## Task statement
Would you reproduce each line below exactly, leaving every picture out?

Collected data
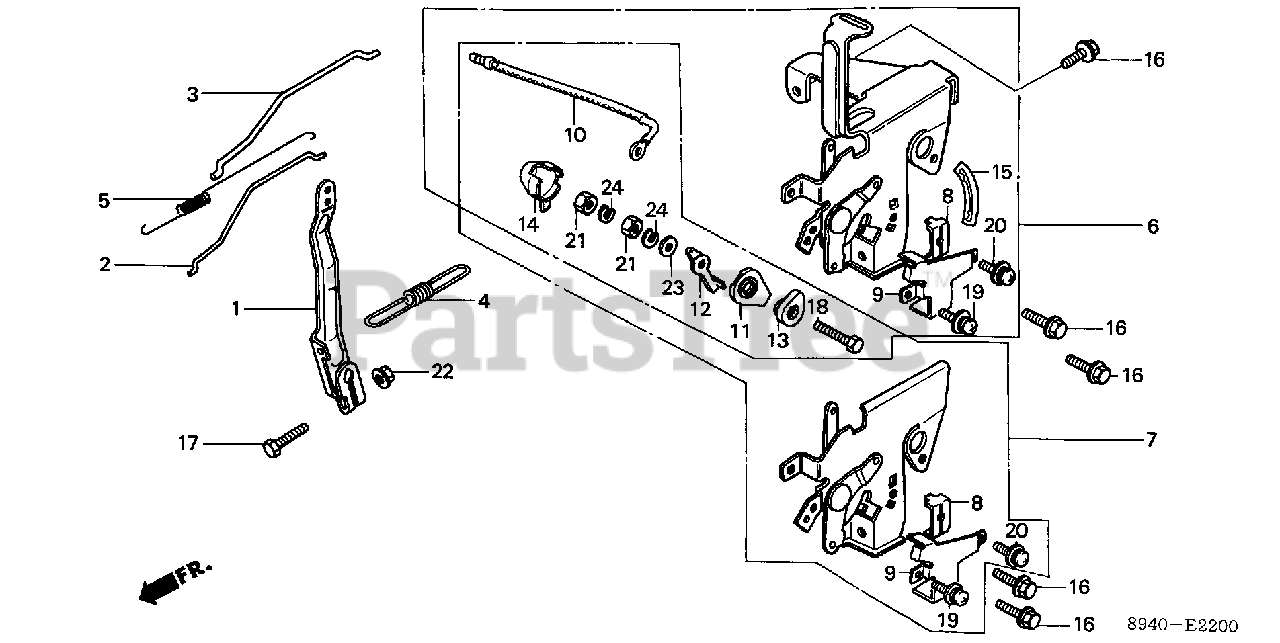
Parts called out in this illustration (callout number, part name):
1	ARM, GOVERNOR
2	ROD, GOVERNOR
3	ROD, CHOKE
4	SPRING, GOVERNOR (NOT AVAILABLE)
5	SPRING, THROTTLE RETURN (NOT AVAILABLE)
6	CONTROL ASSY.
8	HOLDER, CABLE
9	PROTECTOR, CONTROL
10	WIRE, STOP SWITCH
11	BASE, SWITCH
12	CONTACT, SWITCH
13	WASHER, INSULATOR
14	CAP, STOP SWITCH
16	BOLT, FLANGE (6X12) (CT200)
17	BOLT, GOVERNOR ARM
17	BOLT, HEX. (6X20)
18	BOLT, HEX. (4X20)
19	SCREW-WASHER (5X12)
20	SCREW-WASHER (5X20)
21	NUT, HEX. (4MM)
22	NUT, FLANGE (6MM)
23	WASHER, PLAIN (4MM)
24	WASHER, SPRING (4MM)
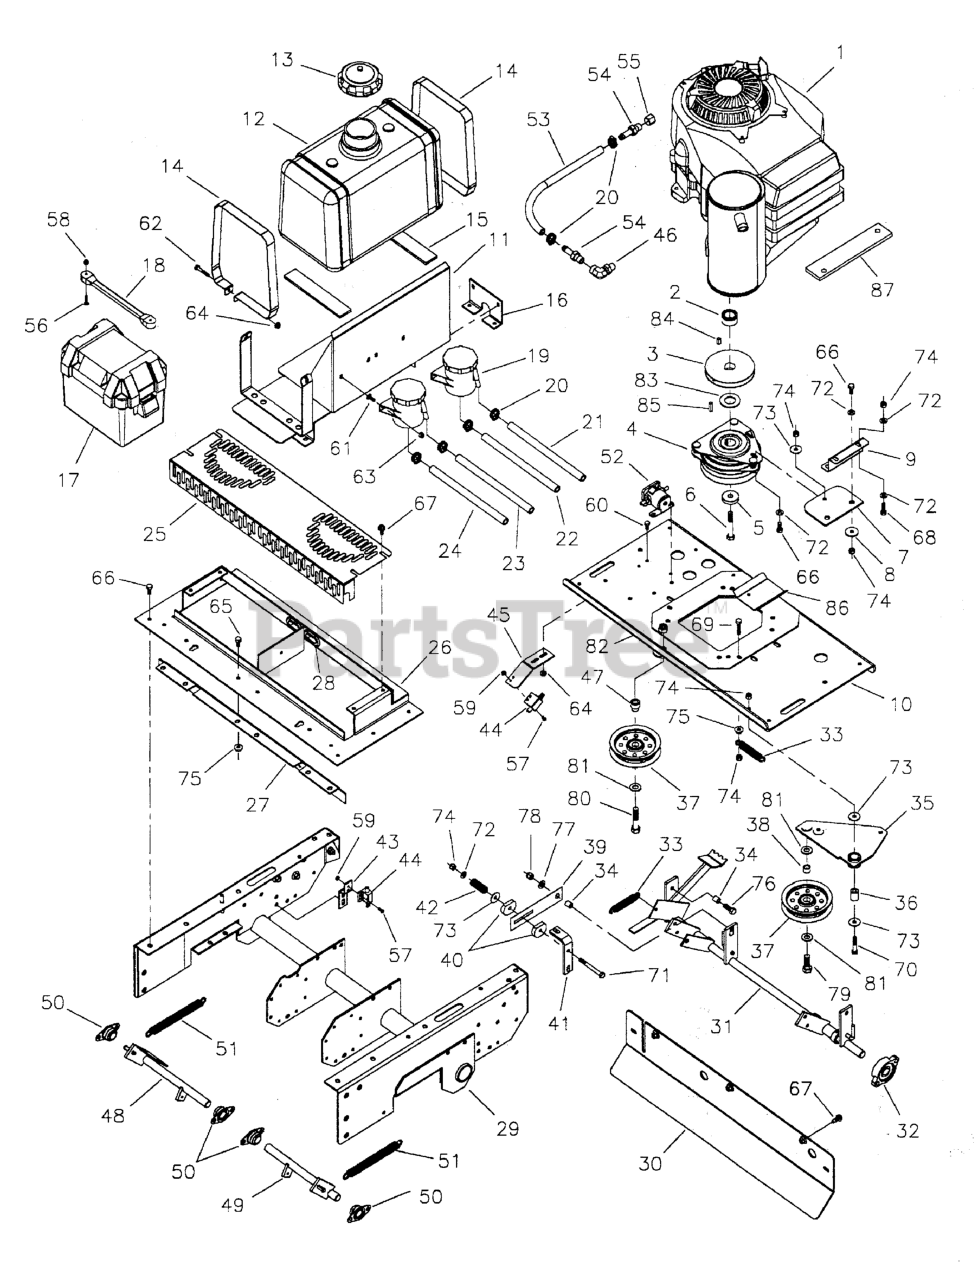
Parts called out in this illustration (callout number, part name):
2	CRANKSHAFT SPACER
2	SPACER, 1.00 X 1.50 X 1.12
2	SPACER, 1.13 x 1.75 x 1.50
3	PULLEY, Hydro Drive
3	PULLEY, DDSKAV23 Crankshaft
4	CLUTCH, Electric, 1" Shaft
4	CLUTCH, Electric, 1-1/8" Shaft
5	SPACER, .45 x 1.62 x .37
6	CRANKSHAFT BOLT, 7/16 x 3
6	CRANKSHAFT BOLT, 10 mm x 70 mm
6	CRANKSHAFT BOLT, 7/16 x 2-1/2
7	CLUTCH ANCHOR PAD
8	WASHER, Clutch Anchor
9	ANCHOR, Clutch
10	PLATE, Engine Deck
11	MOUNT, Fuel Tank (Electric)
11	MOUNT, Fuel Tank (Manual)
12	TANK, FUEL, PLASTIC, 5 GALLON W/ FUEL LINE
13	CAP, GASOLINE, VENTED
14	FUEL TANK STRAP
15	RUBBER PAD
16	Gas Tank Mount Leg
17	BATTERY BOX, W/ DRAIN HOLE
18	RUBBER STRAP
19	RESERVOIR, Hydraulic
20	CLAMP, #6 Hose
21	HOSE, 3/8" PUSH-LOCK, 37.00"
22	HOSE, 3/8 PUSH-LOCK, 26.00
23	HOSE, 3/8" PUSH-LOCK, 43.00"
24	HOSE, 3/8" PUSH-LOCK, 35.00"
25	FAN COVER
26	FAN SHROUD
27	SUPPORT, Engine Deck
28	GROMMET, 1-1/4"
29	ENGINE DECK
30	PLATE, Engine Deck Back
31	SHAFT, Control
32	BEARING, Flange
33	SPRING, Extension
34	SLEEVE
35	ASSM, MOUNT, GROUND DRIVE IDLER - RED
36	SPACER, .32 x .75 x 1.06
37	PULLEY, Backside Idler
38	INSERT, Bearing
39	PLATE, Friction
40	PUCK, Brake
41	SUPPORT, Engine Deck
42	SPRING, Compression
43	MOUNT, Switch
44	SWITCH, PLUNGER, N.C.
45	MOUNT, Switch
46	FITTING, 90 Degree, 3/8" NPT Swivel
47	INSERT, Bearing Shoulder
48	SHAFT, Brake-Right
49	SHAFT, Brake, Left
50	BEARING, Flange
51	SPRING, Extension
52	SOLENOID, Starter
53	1/2" Hose, 18" Long
54	FITTING, 3/8NPT-1/2" Hose, Straight
55	CAP, 3/8 NPT
56	SCREW, #10-24 X 1 RS, CZ
57	SCREW, #10-24 x 1/2
58	NUT, #10-24 Hex Nylon Lock
59	NUT, #10-24 Hex
60	HHCS, 1/4-20 X 0.625, GR5, ZINC/CLEAR
61	BOLT,1/4-20X0.750,GR5,STD NECK,SQ,ZC/CL
62	BOLT, 1/4-20 X 1-1/2
63	NUT, 1/4-20 HEX NYLON LOCK
64	NUT, 1/4-20 HEX SERR. FLANGE
65	BOLT, 5/16-18 x 5/8
66	BOLT, 5/16-18 X 3/4 GD5
67	BOLT, Self-Tapping, 5/16-18 x 3/4
68	BOLT, 5/16-18 X 1 GD5 YZ
69	BOLT, 5/16-18 x 1-1/2 TFL
70	BOLT, 5/16-18 x 1-3/4
71	BOLT, 5/16-18 x 3
72	WASHER, 5/16" SAE
73	WASHER, 5/16" Fender
74	NUT, 5/16-18 Hex Nylon Lock
75	NUT, 5/16-18 HEX SERRATED FLANGE (LARGE)
76	BOLT, 3/8-16 X 1" GD5 CZ
77	WASHER, 3/8 SAE
78	NUT, 3/8-24 Hex Nylon Lock
79	BOLT, 1/2-20 X 1-1/2, GD5 CZ
80	BOLT, 1/2-20 X 2-1/2" GD5 CZ
81	WASHER, 1/2 SAE
82	NUT, Hex, Nylon Lock, 1/2-20
83	WASHER, 1" SAE
84	KEY, 1/4" SQ. X 1-1/4
85	KEY, 1/4 SQ. X 1
86	PAN, Oil Drain
87	SPACER, Engine Block

## Solution to this task
Parts called out in this illustration (callout number, part name):
1	ARM, GOVERNOR
2	ROD, GOVERNOR
3	ROD, CHOKE
4	SPRING, GOVERNOR (NOT AVAILABLE)
5	SPRING, THROTTLE RETURN (NOT AVAILABLE)
6	CONTROL ASSY.
8	HOLDER, CABLE
9	PROTECTOR, CONTROL
10	WIRE, STOP SWITCH
11	BASE, SWITCH
12	CONTACT, SWITCH
13	WASHER, INSULATOR
14	CAP, STOP SWITCH
16	BOLT, FLANGE (6X12) (CT200)
17	BOLT, GOVERNOR ARM
17	BOLT, HEX. (6X20)
18	BOLT, HEX. (4X20)
19	SCREW-WASHER (5X12)
20	SCREW-WASHER (5X20)
21	NUT, HEX. (4MM)
22	NUT, FLANGE (6MM)
23	WASHER, PLAIN (4MM)
24	WASHER, SPRING (4MM)
Parts called out in this illustration (callout number, part name):
2	CRANKSHAFT SPACER
2	SPACER, 1.00 X 1.50 X 1.12
2	SPACER, 1.13 x 1.75 x 1.50
3	PULLEY, Hydro Drive
3	PULLEY, DDSKAV23 Crankshaft
4	CLUTCH, Electric, 1" Shaft
4	CLUTCH, Electric, 1-1/8" Shaft
5	SPACER, .45 x 1.62 x .37
6	CRANKSHAFT BOLT, 7/16 x 3
6	CRANKSHAFT BOLT, 10 mm x 70 mm
6	CRANKSHAFT BOLT, 7/16 x 2-1/2
7	CLUTCH ANCHOR PAD
8	WASHER, Clutch Anchor
9	ANCHOR, Clutch
10	PLATE, Engine Deck
11	MOUNT, Fuel Tank (Electric)
11	MOUNT, Fuel Tank (Manual)
12	TANK, FUEL, PLASTIC, 5 GALLON W/ FUEL LINE
13	CAP, GASOLINE, VENTED
14	FUEL TANK STRAP
15	RUBBER PAD
16	Gas Tank Mount Leg
17	BATTERY BOX, W/ DRAIN HOLE
18	RUBBER STRAP
19	RESERVOIR, Hydraulic
20	CLAMP, #6 Hose
21	HOSE, 3/8" PUSH-LOCK, 37.00"
22	HOSE, 3/8 PUSH-LOCK, 26.00
23	HOSE, 3/8" PUSH-LOCK, 43.00"
24	HOSE, 3/8" PUSH-LOCK, 35.00"
25	FAN COVER
26	FAN SHROUD
27	SUPPORT, Engine Deck
28	GROMMET, 1-1/4"
29	ENGINE DECK
30	PLATE, Engine Deck Back
31	SHAFT, Control
32	BEARING, Flange
33	SPRING, Extension
34	SLEEVE
35	ASSM, MOUNT, GROUND DRIVE IDLER - RED
36	SPACER, .32 x .75 x 1.06
37	PULLEY, Backside Idler
38	INSERT, Bearing
39	PLATE, Friction
40	PUCK, Brake
41	SUPPORT, Engine Deck
42	SPRING, Compression
43	MOUNT, Switch
44	SWITCH, PLUNGER, N.C.
45	MOUNT, Switch
46	FITTING, 90 Degree, 3/8" NPT Swivel
47	INSERT, Bearing Shoulder
48	SHAFT, Brake-Right
49	SHAFT, Brake, Left
50	BEARING, Flange
51	SPRING, Extension
52	SOLENOID, Starter
53	1/2" Hose, 18" Long
54	FITTING, 3/8NPT-1/2" Hose, Straight
55	CAP, 3/8 NPT
56	SCREW, #10-24 X 1 RS, CZ
57	SCREW, #10-24 x 1/2
58	NUT, #10-24 Hex Nylon Lock
59	NUT, #10-24 Hex
60	HHCS, 1/4-20 X 0.625, GR5, ZINC/CLEAR
61	BOLT,1/4-20X0.750,GR5,STD NECK,SQ,ZC/CL
62	BOLT, 1/4-20 X 1-1/2
63	NUT, 1/4-20 HEX NYLON LOCK
64	NUT, 1/4-20 HEX SERR. FLANGE
65	BOLT, 5/16-18 x 5/8
66	BOLT, 5/16-18 X 3/4 GD5
67	BOLT, Self-Tapping, 5/16-18 x 3/4
68	BOLT, 5/16-18 X 1 GD5 YZ
69	BOLT, 5/16-18 x 1-1/2 TFL
70	BOLT, 5/16-18 x 1-3/4
71	BOLT, 5/16-18 x 3
72	WASHER, 5/16" SAE
73	WASHER, 5/16" Fender
74	NUT, 5/16-18 Hex Nylon Lock
75	NUT, 5/16-18 HEX SERRATED FLANGE (LARGE)
76	BOLT, 3/8-16 X 1" GD5 CZ
77	WASHER, 3/8 SAE
78	NUT, 3/8-24 Hex Nylon Lock
79	BOLT, 1/2-20 X 1-1/2, GD5 CZ
80	BOLT, 1/2-20 X 2-1/2" GD5 CZ
81	WASHER, 1/2 SAE
82	NUT, Hex, Nylon Lock, 1/2-20
83	WASHER, 1" SAE
84	KEY, 1/4" SQ. X 1-1/4
85	KEY, 1/4 SQ. X 1
86	PAN, Oil Drain
87	SPACER, Engine Block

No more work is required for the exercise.